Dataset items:

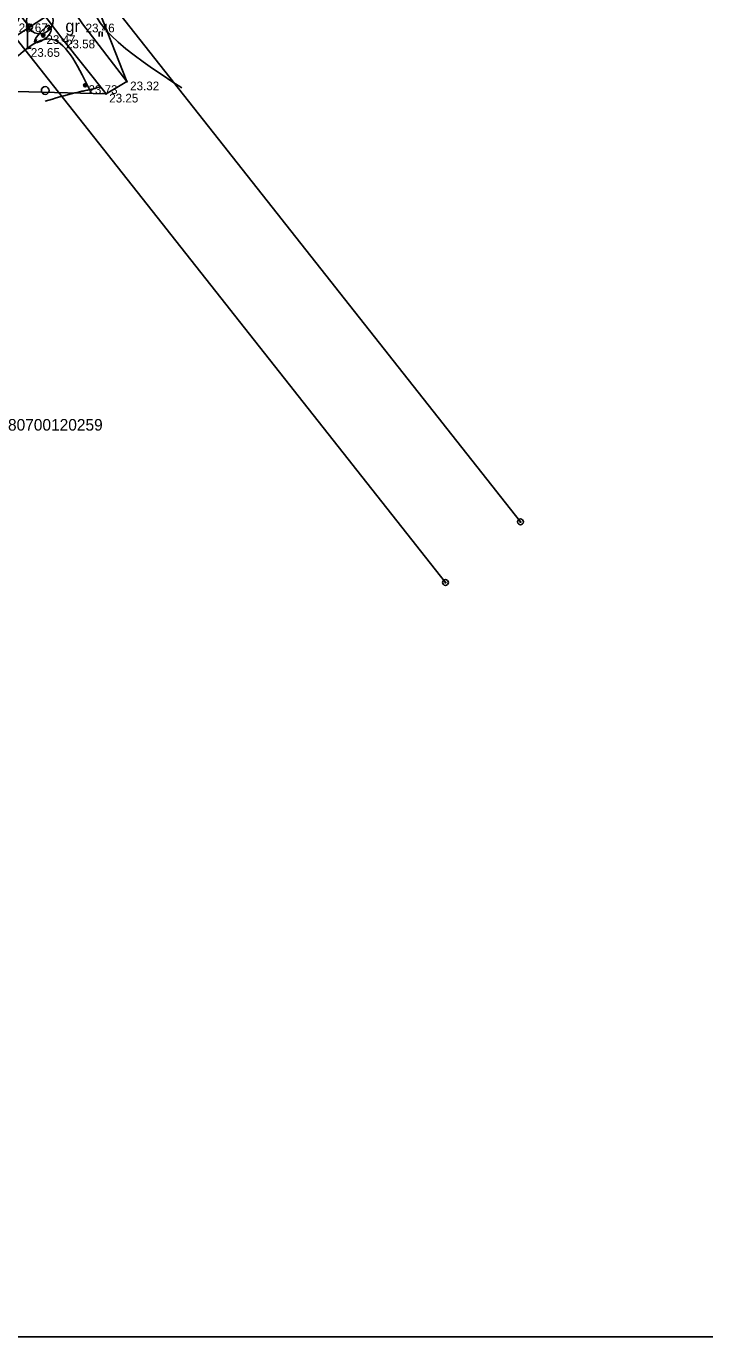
# Model space of a CAD drawing. Extents: x 521824 to 524158, y 294774 to 296228.
# Drawn here: x 522159 to 522247, y 295655.1 to 295824.8 of the extents above; entities that cross this region are included whole.
import ezdxf

# ---------------------------------------------------------------- set-up
doc = ezdxf.new("R2010")
doc.units = 0
for name, color, linetype in [('7315030100', 7, 'Continuous'), ('BUVE_ELEM_####_####_#', 7, 'Continuous'), ('CELI_CMAL_####_####_#', 7, 'Continuous'), ('CELI_CSEG_####_TKST_#', 7, 'Continuous'), ('CELI_ELEM_####_####_#', 7, 'Continuous'), ('Geolite Rakstlaukums', 7, 'Continuous'), ('GL Atradnes Robezpunkti', 7, 'Continuous'), ('RAMI_UZMR_####_####_#', 7, 'Continuous'), ('RELJ_AATZ_####_TKST_#', 7, 'Continuous'), ('RELJ_ELEM_####_####_#', 7, 'Continuous'), ('RELJ_HORZ_PAMT_####_#', 7, 'Continuous'), ('ROBZ_IERR_####_####_#', 7, 'Continuous'), ('ROBZ_PROJ_####_####_#', 7, 'Continuous'), ('ROBZ_ROBP_####_####_#', 7, 'Continuous'), ('ROBZ_UZMR_####_####_#', 7, 'Continuous'), ('ROBZ_UZMR_####_TKST_#', 7, 'Continuous'), ('TERT_ELEM_####_####_#', 7, 'Continuous'), ('TERT_KONT_####_####_#', 7, 'Continuous')]:
    doc.layers.add(name, color=color, linetype=linetype)

msp = doc.modelspace()

# ---------------------------------------------------------------- linework, layer by layer
at = {"layer": '7315030100'}
msp.add_lwpolyline([(521982.66, 296071.94), (522030.78, 296022.74), (522033.54, 296023.51), (522041.38, 296002.91), (522075.38, 295945.05), (522118.89, 295885.85), (522163.66, 295827.44), (522159.46, 295824.7), (522114.89, 295882.85), (522071.2, 295942.29), (522036.86, 296000.73), (522029, 296021.05), (521979.25, 296071.92), (521979.23, 296071.94)], dxfattribs=at)
at = {"layer": 'BUVE_ELEM_####_####_#'}
for centre in [(522161.24, 295823.65), (522166.69, 295817.18)]:
    msp.add_circle(centre, 0.222, dxfattribs=at)
at = {"layer": 'CELI_CMAL_####_####_#'}
for points in [[(522172.09, 295817.66), (522166.32, 295825.15), (522160.04, 295834.44), (522148.76, 295850.15), (522144.92, 295855.33), (522137.14, 295864.04), (522128.85, 295872.46), (522121.32, 295880.76), (522112.37, 295890.51), (522105.48, 295899.03), (522098.35, 295909.47), (522089.45, 295921.09), (522081.84, 295931.15), (522074.72, 295941.17), (522065.95, 295953.63)], [(522095.86, 295905.57), (522095.86, 295905.57), (522102.54, 295897.23), (522109.81, 295887.99), (522118.25, 295878.43), (522126.72, 295869.94), (522134.59, 295861.63), (522142.07, 295853.04), (522149.47, 295842.4), (522156.74, 295832.41), (522163.78, 295823.09), (522169.38, 295816.08)]]:
    msp.add_lwpolyline(points, dxfattribs=at)
at = {"layer": 'CELI_ELEM_####_####_#'}
for points in [[(522159.74, 295825.14), (522159.22, 295824.61), (522159.76, 295824.16)], [(522159.22, 295824.61), (522159.22, 295821.98), (522159.67, 295821.98)]]:
    msp.add_lwpolyline(points, dxfattribs=at)
at = {"layer": 'Geolite Rakstlaukums'}
msp.add_lwpolyline([(521827.32, 295655.12), (522501.23, 295655.12), (522501.23, 296155.83), (521827.32, 296155.83)], close=True, dxfattribs=at)
at = {"layer": 'GL Atradnes Robezpunkti'}
msp.add_circle((522160.8, 295825.57), 1.72, dxfattribs=at)
at = {"layer": 'RAMI_UZMR_####_####_#'}
msp.add_lwpolyline([(522273.71, 295894.68), (522210.2, 295852.82), (522168.58, 295826.56), (522172.09, 295817.66), (522169.38, 295816.08), (522152.64, 295816.49), (522137, 295802.31), (522118.99, 295793.02), (522105.54, 295782.72), (522092.7, 295770.91), (522080.07, 295765.45), (522059.78, 295749.57), (522015.07, 295726.29), (521978.76, 295706.27), (521927.27, 295670.32), (521927.27, 295670.32)], dxfattribs=at)
at = {"layer": 'RELJ_ELEM_####_####_#'}
for centre in [(522161.24, 295823.65), (522159.22, 295821.98), (522163.78, 295823.09), (522166.69, 295817.18), (522172.09, 295817.66), (522169.38, 295816.08)]:
    msp.add_circle(centre, 0.075, dxfattribs=at)
at = {"layer": 'RELJ_HORZ_PAMT_####_#'}
for p, q in [((522161.79, 295824.42), (522162.09, 295824.82)), ((522160.41, 295823.12), (522160.13, 295822.71))]:
    msp.add_line(p, q, dxfattribs=at)
for points in [[(522161.92, 295824.95), (522161.3, 295824.42), (522160.77, 295823.89), (522160.11, 295822.8), (522161.74, 295823.42), (522162.14, 295824.78), (522161.92, 295824.95)], [(522168.62, 295817.03), (522168.6, 295817.01), (522168.46, 295816.95), (522168.13, 295816.83), (522167.79, 295816.73), (522167.18, 295816.59), (522166.57, 295816.46), (522165.96, 295816.33), (522165.35, 295816.18), (522161.49, 295815.13)]]:
    msp.add_spline(points, degree=3, dxfattribs=at)
at = {"layer": 'ROBZ_IERR_####_####_#'}
msp.add_lwpolyline([(521982.72, 296071.94), (522030.78, 296022.79), (522033.55, 296023.54), (522231.75, 296043.15), (522293.95, 296059.25), (522300.42, 296060.92), (522337.14, 296010.44), (522362.11, 295976.43), (522359.11, 295971.29), (522349.76, 295955.26), (522172.85, 295833.39), (522168.1, 295830.3), (522159.47, 295824.7), (522157.57, 295823.46), (522100.03, 295786.07), (522037.63, 295748.41), (521945.66, 295684.51), (521914.94, 295661.44)], dxfattribs=at)
at = {"layer": 'ROBZ_PROJ_####_####_#'}
msp.add_lwpolyline([(522213.37, 295752.79), (522157.57, 295823.46), (522159.47, 295824.7), (522168.1, 295830.3), (522223.1, 295760.64)], dxfattribs=at)
at = {"layer": 'ROBZ_ROBP_####_####_#'}
for centre, radius in [((522159.47, 295824.7), 0.375), ((522159.47, 295824.7), 0.0702), ((522223.1, 295760.64), 0.375), ((522223.1, 295760.64), 0.0702), ((522213.37, 295752.79), 0.375), ((522213.37, 295752.79), 0.0702)]:
    msp.add_circle(centre, radius, dxfattribs=at)
at = {"layer": 'ROBZ_UZMR_####_####_#'}
for points in [[(522223.1, 295760.64), (522168.1, 295830.3), (522172.85, 295833.39), (522349.76, 295955.26)], [(521956.08, 295661.44), (521945.66, 295684.51), (522037.63, 295748.41), (522100.03, 295786.07), (522157.57, 295823.46), (522213.37, 295752.79)], [(522223.14, 295760.59), (522223.1, 295760.64)]]:
    msp.add_lwpolyline(points, dxfattribs=at)
at = {"layer": 'TERT_ELEM_####_####_#'}
for p, q in [((522168.5, 295823.5), (522168.5, 295824.1)), ((522168.9, 295823.5), (522168.9, 295824.1))]:
    msp.add_line(p, q, dxfattribs=at)
msp.add_circle((522161.5, 295816.5), 0.5, dxfattribs=at)
at = {"layer": 'TERT_KONT_####_####_#'}
for points in [[(522112.74, 295876.06), (522112.74, 295877.51), (522113.84, 295878.39), (522123.09, 295867.72), (522132.03, 295856.81), (522140.95, 295846.38), (522148.94, 295836.17), (522157.87, 295825.37), (522156.96, 295824.47), (522155.78, 295824.72), (522155.07, 295825.38), (522140.99, 295841.08), (522129.85, 295854.43), (522118.87, 295867.9), (522112.74, 295876.06)], [(522210.2, 295852.82), (522208.84, 295853.62), (522196.73, 295849.16), (522185.8, 295846.38), (522169.95, 295832.54), (522168.1, 295830.3), (522179.22, 295816.84)], [(522167.48, 295816.12), (522162.42, 295823.12), (522152.64, 295816.49), (522138.42, 295808.29), (522136.83, 295802.57), (522123.45, 295801.51), (522122.24, 295804.16), (522130.9, 295808.24), (522129.36, 295823.21)]]:
    msp.add_spline(points, degree=3, dxfattribs=at)

# ---------------------------------------------------------------- texts
at = {"layer": 'CELI_CSEG_####_TKST_#'}
msp.add_text('gr', height=1.575, dxfattribs=at).set_placement((522164.12, 295824.07))
at = {"layer": 'RELJ_AATZ_####_TKST_#'}
for s, p in [(' 23.67', (522157.65, 295824.06)), (' 23.46', (522166.32, 295824.03)), (' 23.47', (522161.24, 295822.53)), (' 23.65', (522159.22, 295820.86)), (' 23.58', (522163.78, 295821.96)), (' 23.73', (522166.69, 295816.06)), (' 23.32', (522172.09, 295816.53)), (' 23.25', (522169.38, 295814.95))]:
    msp.add_text(s, height=1.125, dxfattribs=at).set_placement(p)
at = {"layer": 'ROBZ_UZMR_####_TKST_#'}
msp.add_text('80700120259', height=1.5, dxfattribs=at).set_placement((522156.68, 295772.46))

doc.saveas('drawing.dxf')
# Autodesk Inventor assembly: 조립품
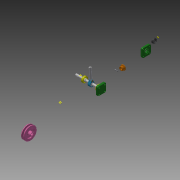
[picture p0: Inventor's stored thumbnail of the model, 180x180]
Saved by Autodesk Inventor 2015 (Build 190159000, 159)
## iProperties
Created: 2021-08
Part Number: 조립품
Document SubType Name: Assembly
Designer: 104-00
Author: 104-00
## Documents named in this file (16)
- C:\Users\104-00\Desktop\710806V1026\조립품.iam
- C:\Users\104-00\Desktop\710806V1026\V벨트풀리.ipt
- C:\Users\104-00\Desktop\710806V1026\고정핀 1.2x8.ipt
- C:\Users\104-00\Desktop\710806V1026\뒤커버.ipt
- C:\Users\104-00\Desktop\710806V1026\링크.ipt
- C:\Users\104-00\Desktop\710806V1026\멈춤나사 M3x8.ipt
- C:\Users\104-00\Desktop\710806V1026\베어링 12x32x10.ipt
- C:\Users\104-00\Desktop\710806V1026\본체.ipt
- C:\Users\104-00\Desktop\710806V1026\볼트 M4.ipt
- C:\Users\104-00\Desktop\710806V1026\부시.ipt
- C:\Users\104-00\Desktop\710806V1026\슬라이드.ipt
- C:\Users\104-00\Desktop\710806V1026\앞커버.ipt
- C:\Users\104-00\Desktop\710806V1026\오일 실 12 25 7.ipt
- C:\Users\104-00\Desktop\710806V1026\키 4x4x10.ipt
- C:\Users\104-00\Desktop\710806V1026\편심축.ipt
- C:\Users\104-00\Desktop\710806V1026\핀 5x18.ipt
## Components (3 placed, 3 different names)
1. V벨트풀리:1
2. 고정핀 1.2x8:1
3. 핀 5x18:1

**WHAT IS BEING ASKED:** Your task is to repeat exactly the lines from the beginning of the data to the line that contains "doc.units = 0", both ends included, leaving out pictures.

**TASK ANSWER:**
# Model space of a CAD drawing. Extents: x 521824 to 524158, y 294774 to 296228.
# Drawn here: x 522159 to 522247, y 295655.1 to 295824.8 of the extents above; entities that cross this region are included whole.
import ezdxf

# ---------------------------------------------------------------- set-up
doc = ezdxf.new("R2010")
doc.units = 0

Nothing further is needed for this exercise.